En oposición con esta mirada, Castel sostiene que en las sociedades actuales la exposición al riesgo es desigual, como también son desiguales los recursos que dispone cada individuo para protegerse. Tomando distancia de la “inflación” de la noción de riesgo –a partir de la cual los miedos afloran por doquier– que ha llevado a sentar las bases diagnósticas para una “sociedad del riesgo” (Beck 1998) y una “cultura del riesgo” (Giddens 1994), Castel sostiene una concepción diferencialista de los riesgos y de las políticas para combatirlos. Postula la necesidad de distinguir y caracterizar cada riesgo de acuerdo a su especificidad, así como definir los modos más adecuados para afrontarlos. “Por ejemplo, la desocupación es hoy un riesgo en el mundo del trabajo, así como el calentamiento del planeta es un riesgo que amenaza con destruir los equilibrios ecológicos. Pero se ve bien que la desocupación y el calentamiento global no se combaten con los mismos medios” (Castel 2013: 33). De acuerdo con este autor, el riesgo es una construcción colectiva que surge en referencia a la actuación del Estado y de sus instituciones.

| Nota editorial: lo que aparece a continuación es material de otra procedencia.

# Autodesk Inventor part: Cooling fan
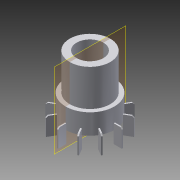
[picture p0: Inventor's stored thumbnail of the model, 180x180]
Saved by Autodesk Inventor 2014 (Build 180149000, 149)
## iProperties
Created: 2008-06
Part Number: Cooling fan
Document SubType Name: Modeling
Designer: tangg
Density: 1.4 g/cm^3
Mass: 5.22571 g
Surface Area: 24.131 cm^2
Volume: 5.22571 cm^3
Stock Number: Cooling fan
Material: PVC-U
Appearance: Snow
Author: tangg
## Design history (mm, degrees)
sketch "Sketch1"
  geometry: L1 (0, 0)-(7.938, 0); L2 (7.938, 0)-(7.938, -14.287); L3 (7.938, -14.287)-(0, -14.287); L4 (0, -14.287)-(0, 0); L5 (0, -14.287)-(9.525, -14.287); L6 (9.525, -14.287)-(9.525, -22.225); L7 (9.525, -22.225)-(0, -22.225); L8 (0, -22.225)-(0, -14.287)
  constraints: 16 end point
revolve "Revolution1" sketch "Sketch1" stored, may be unused: angle "d0" = 90 deg
sketch "Sketch2"
  geometry: L1 (-14.287, 7.938)-(-14.287, -7.938) reference; L2 (0, 7.938)-(0, -7.938) reference; L3 (-14.287, -9.525)-(-22.225, -9.525) reference; L4 (-19.831, -9.525)-(-26.889, -9.525); L5 (-26.889, -9.525)-(-26.889, -12.7); L6 (-26.889, -12.7)-(-20.466, -12.7); L7 (-19.831, -12.065)-(-19.831, -9.525); L8 (-20.466, -12.7)-(-19.831, -12.065); 2 further points
  constraints: 10 end point, 3 point on line
  dimensions: "d1" = 0.635 distance of L6.end point (-19.831, -12.7); "d2" = 0.635 distance of L7.start point (-19.831, -12.7) (= d1)
extrude "Extrusion1" join sketch "Sketch2" stored distance "d3" = 0.508; taper "d4" = 0 deg
pattern_circular "Circular Pattern1" dims angle "d6" = 360 deg
sketch "Sketch3"
  geometry: C1 r 5.25 at (0, 0); 1 further point
  constraints: 1 centre point, 1 coincident
  dimensions: "d10" = 10.5 diameter of C1
extrude "Extrusion2" cut sketch "Sketch3" stored distance "d8" = 10; taper "d9" = 0 deg
body "Solid1"
node "Projected Loop1"

A diferencia de Beck y Giddens, para Castel el riesgo no es una condición inherente al sujeto ni tampoco un elemento intrínseco a la “modernidad tardía”, sino más bien una configuración histórica (relativa) que surge en referencia al sistema de protección que normativamente genera una sociedad en un periodo dado (Castel 2004). Según este sociólogo francés, es menester deconstruir las concepciones globalizantes del riesgo, deshaciendo la amalgama que frecuentemente opera entre diversos tipos de ellos (desde el desempleo a una enfermedad, pasando por un ataque informático, el endeudamiento o el cambio climático). Tal entrelazamiento y confusión de riesgos “lleva a adicionar el conjunto de los miedos que esos distintos tipos de riesgos suscitan. El resultado es una pintura de la sociedad en la cual estamos sitiados desde todas partes por toda clase de riesgos, sumergidos por los riesgos, y en consecuencia reducidos a la impotencia frente a ellos” (Castel 2013: 40).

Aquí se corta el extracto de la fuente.